**TASK DIRECTIONS:**
Across the records that follow, give the number of lines containing the word "surfaces" and nothing else.

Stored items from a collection
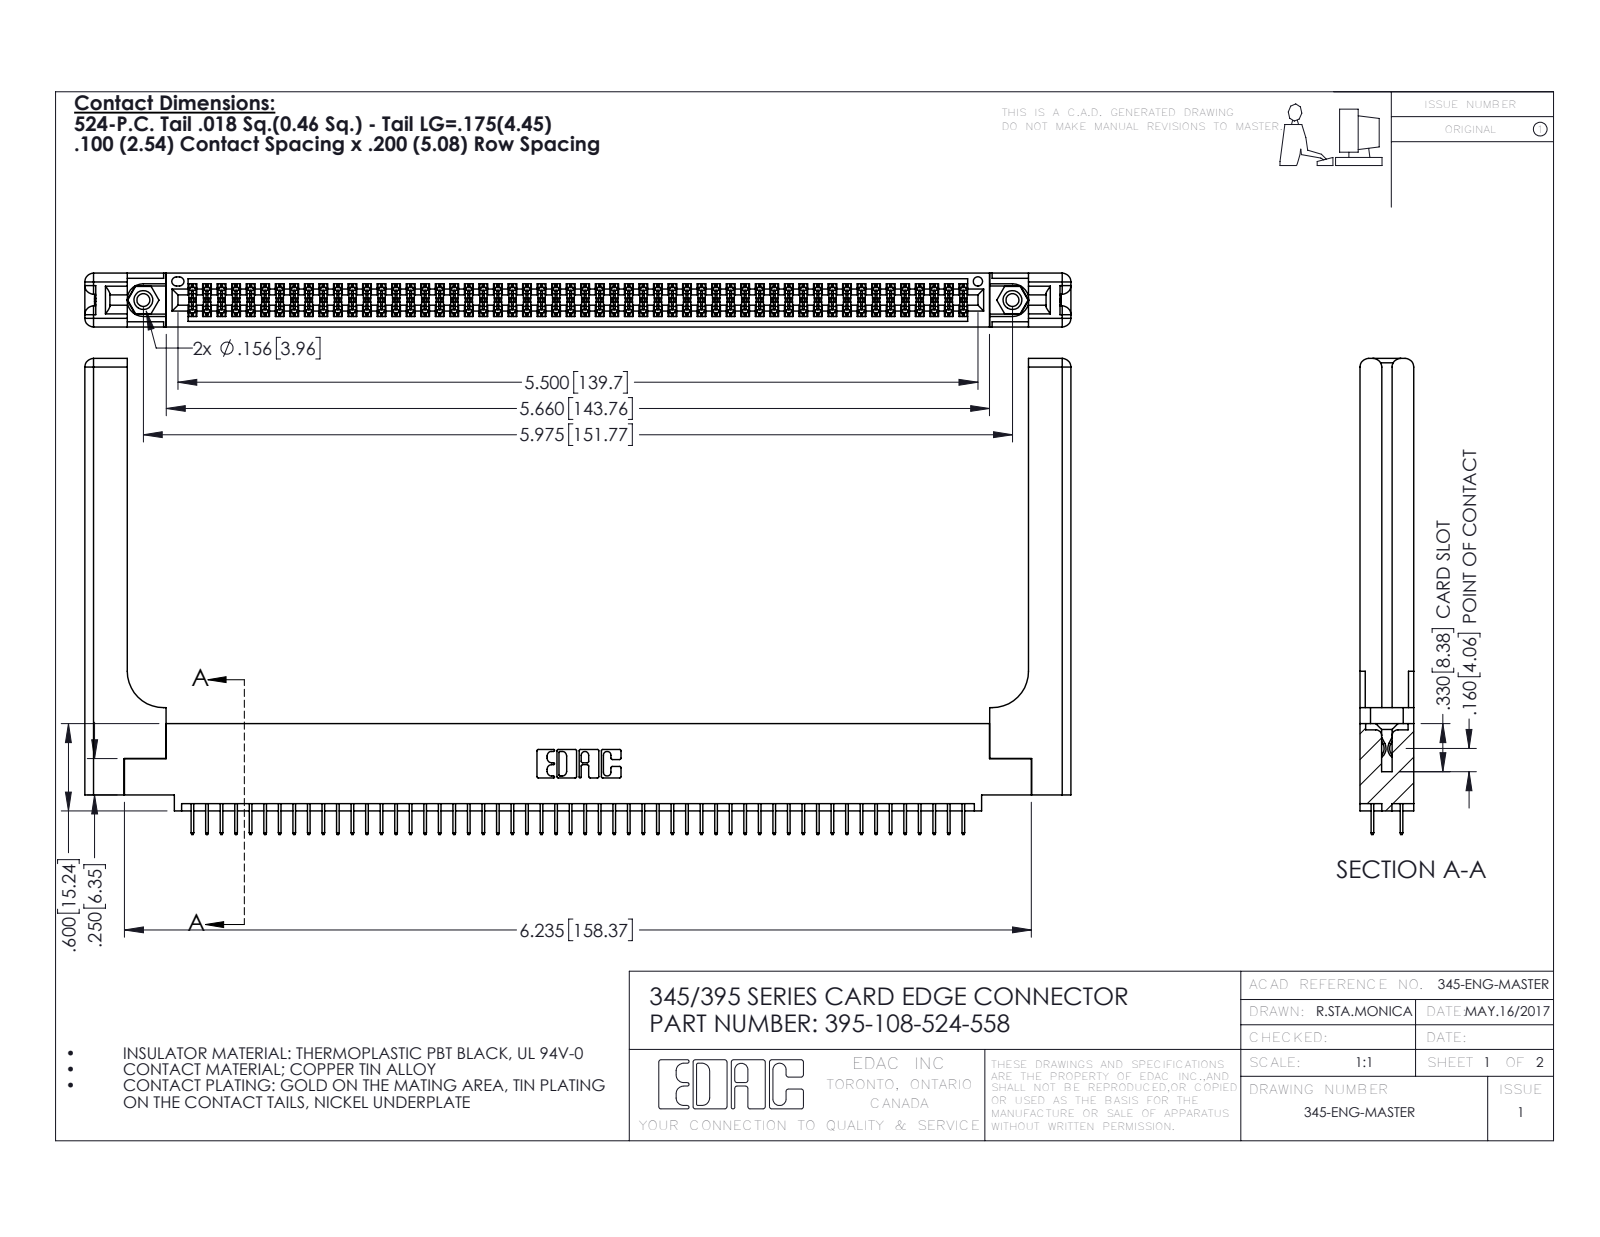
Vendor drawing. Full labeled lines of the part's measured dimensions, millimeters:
Part name (STEP PRODUCT): 345-250-001_345-250-001-102; 345 Part_0.110 Offset - 0.156 Dia-TH; 395-108-524-558; 345-292-001_345-293-124 (+1 more)
STEP written by: SolidWorks 2016 (CONFIG_CONTROL_DESIGN)
Units: millimetres
Bodies: 113 solids, 6218 faces (4444 planar, 1714 cylindrical, 60 other)
Overall size (bounding box): 172.2 × 83.1 × 9.4
Volume: 25 070 mm³ · Surface area: 29 490 mm²
Round holes (diameter × count): ⌀2.3 ×2, ⌀3.2 ×2, ⌀4 ×2, ⌀1.6 ×1
Round bosses / shafts (diameter × count): ⌀3.9 ×2
Partial cylindrical surfaces — rounded edges, fillets, slot ends (radius × count): R0.2 ×162, R0.3 ×22, R1.5 ×16, R0.2 ×6, R0.8 ×6, R0.7 ×3, R0.4 ×2, R0.5 ×2
Main face-to-face distances: 1.8, 9.4, 7.6, 5.1, 2.5, 6.9, 0.6, 5.7, 3.8, 3.8
Hole centre spacings: 6.9, 145.8, 151.8
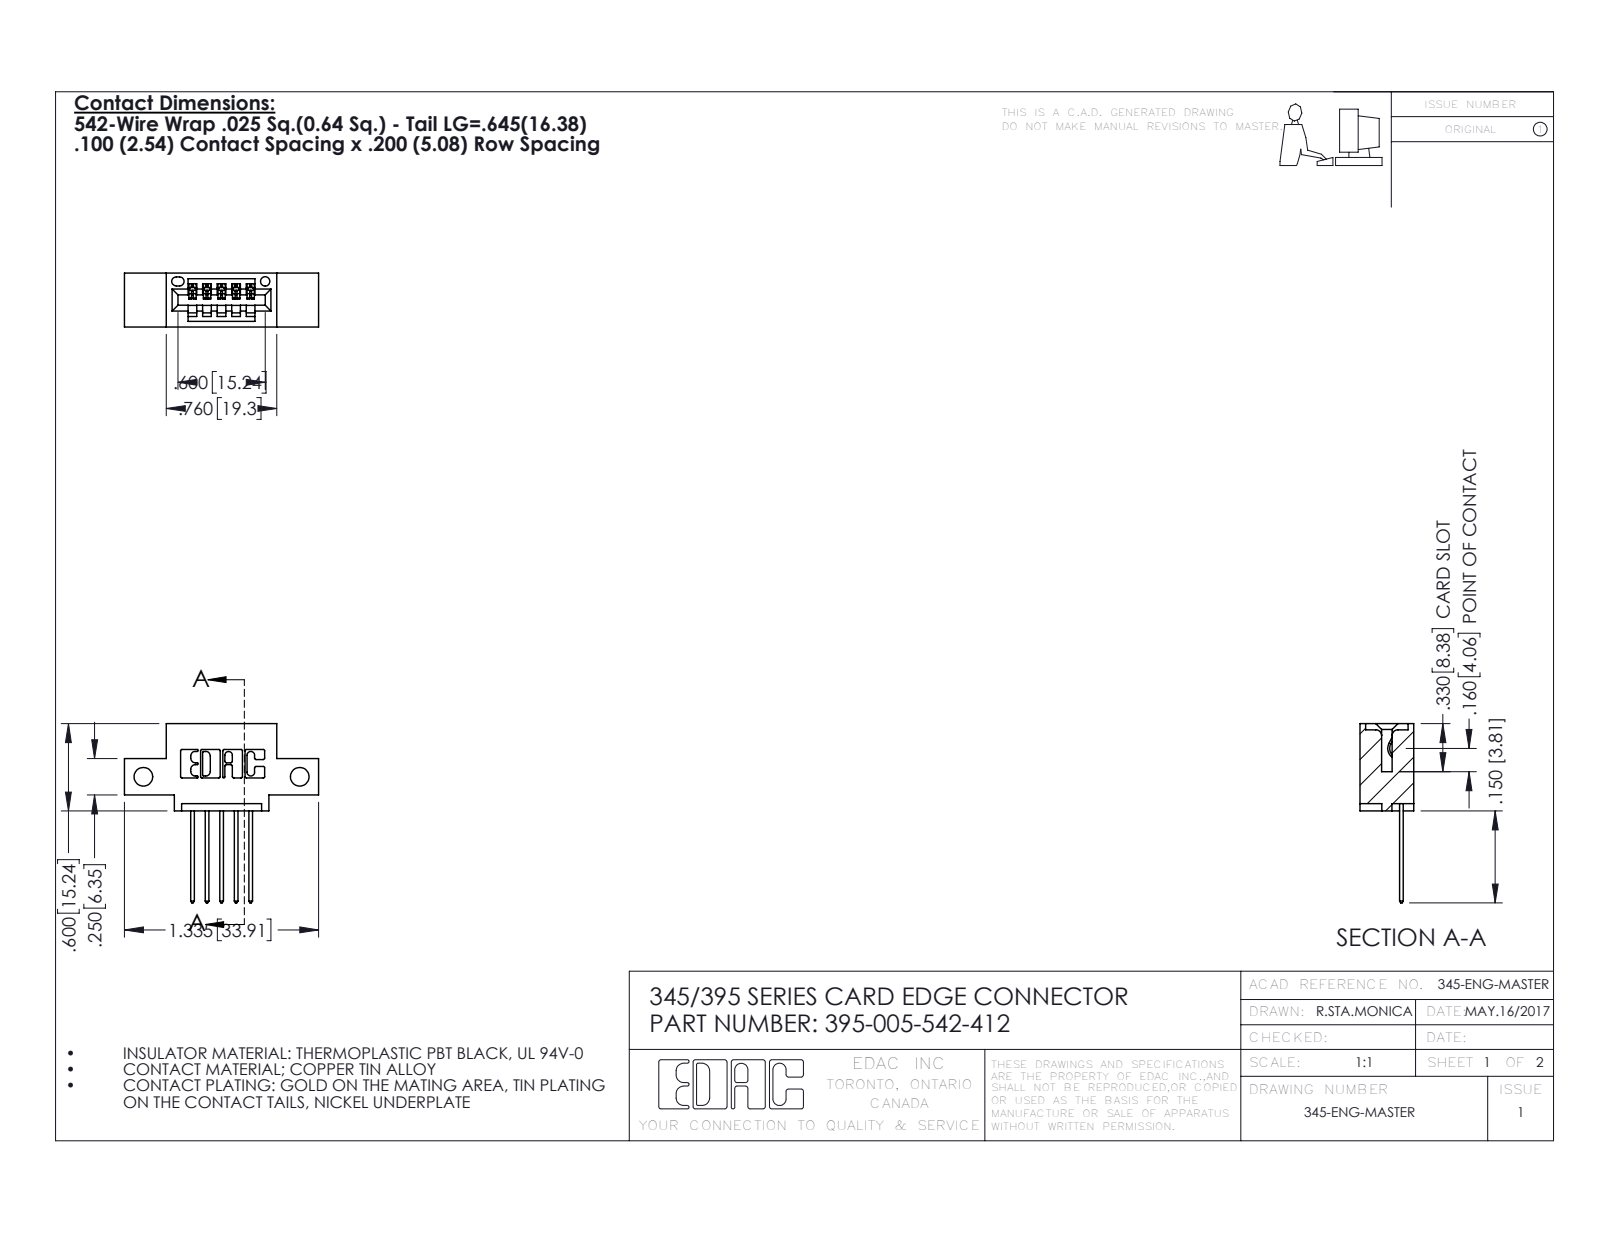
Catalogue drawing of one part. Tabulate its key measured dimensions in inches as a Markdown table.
| quantity | value |
| --- | --- |
| part name | 395-005-542-412; 345 Part_0.110 Offset - Side Mount; 345-292-001_345-293-142 |
| STEP written by | SolidWorks 2016 (CONFIG_CONTROL_DESIGN) |
| units | inches |
| bodies | 6 solids, 420 faces (284 planar, 136 cylindrical, 0 other) |
| overall size | 1.335 × 1.232 × 0.37 |
| volume | 0.169 in³ |
| surface area | 4.938 in² |
| round holes (diameter × count) | 0.128 × 2, 0.064 × 1 |
| partial cylindrical surfaces (radius × count) | 0.01 × 22, 0.006 × 10, 0.01 × 10, 0.007 × 6, 0.031 × 6, 0.026 × 3, 0.031 × 2, 0.04 × 2 |
| main face-to-face distances | 0.2, 0.37, 0.298, 0.072, 0.1, 0.025, 0.25, 0.098, 0.272, 0.06 |
| hole center spacings | 1.075 |
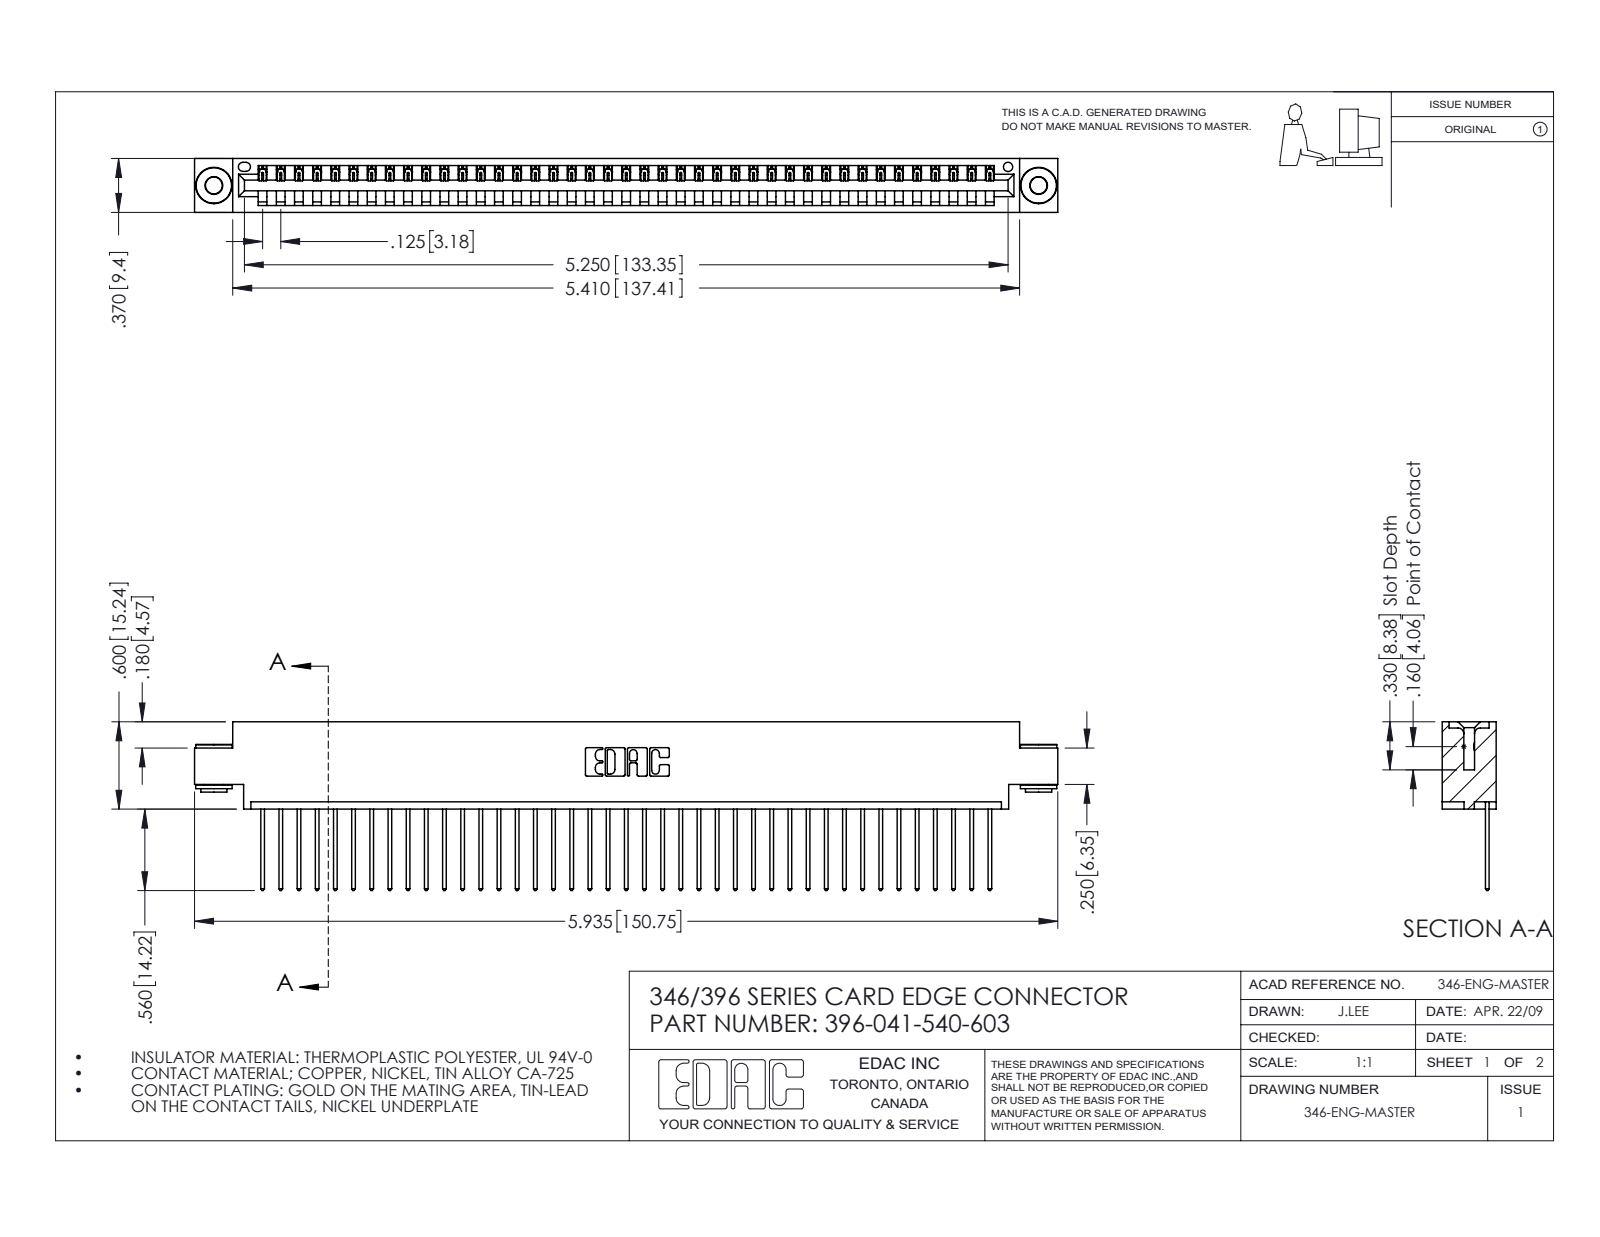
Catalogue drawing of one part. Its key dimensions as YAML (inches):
part_name: "345-250-002_345-250-002-102; 345-292-001_345-293-140; 346 Part_0.170 Offset - 0.156 Dia-TH; 396-041-540-603"
step_written_by: "SolidWorks 2016 (CONFIG_CONTROL_DESIGN)"
units: inches
bodies: {solids: 44, faces: 2542, planar: 1730, cylindrical: 804, other: 8}
overall_size: [5.935, 1.16, 0.37]
volume: 0.875
surface_area: 28.99
round_holes:
  - {diameter: 0.116, count: 2}
  - {diameter: 0.156, count: 2}
  - {diameter: 0.064, count: 1}
round_bosses_or_shafts:
  - {diameter: 0.25, count: 2}
  - {diameter: 0.18, count: 2}
  - {diameter: 0.136, count: 2}
partial_cylinders:
  - {radius: 0.006, count: 82}
  - {radius: 0.01, count: 82}
  - {radius: 0.01, count: 22}
  - {radius: 0.007, count: 6}
  - {radius: 0.031, count: 6}
  - {radius: 0.026, count: 3}
  - {radius: 0.031, count: 2}
  - {radius: 0.04, count: 2}
face_to_face_distances: [0.048, 0.322, 0.37, 0.25, 0.025, 0.072, 0.298, 0.148, 0.222, 0.1]
hole_center_spacings: [0.246, 5.461, 5.67]

**SOLUTION TO THE EXERCISE:**
2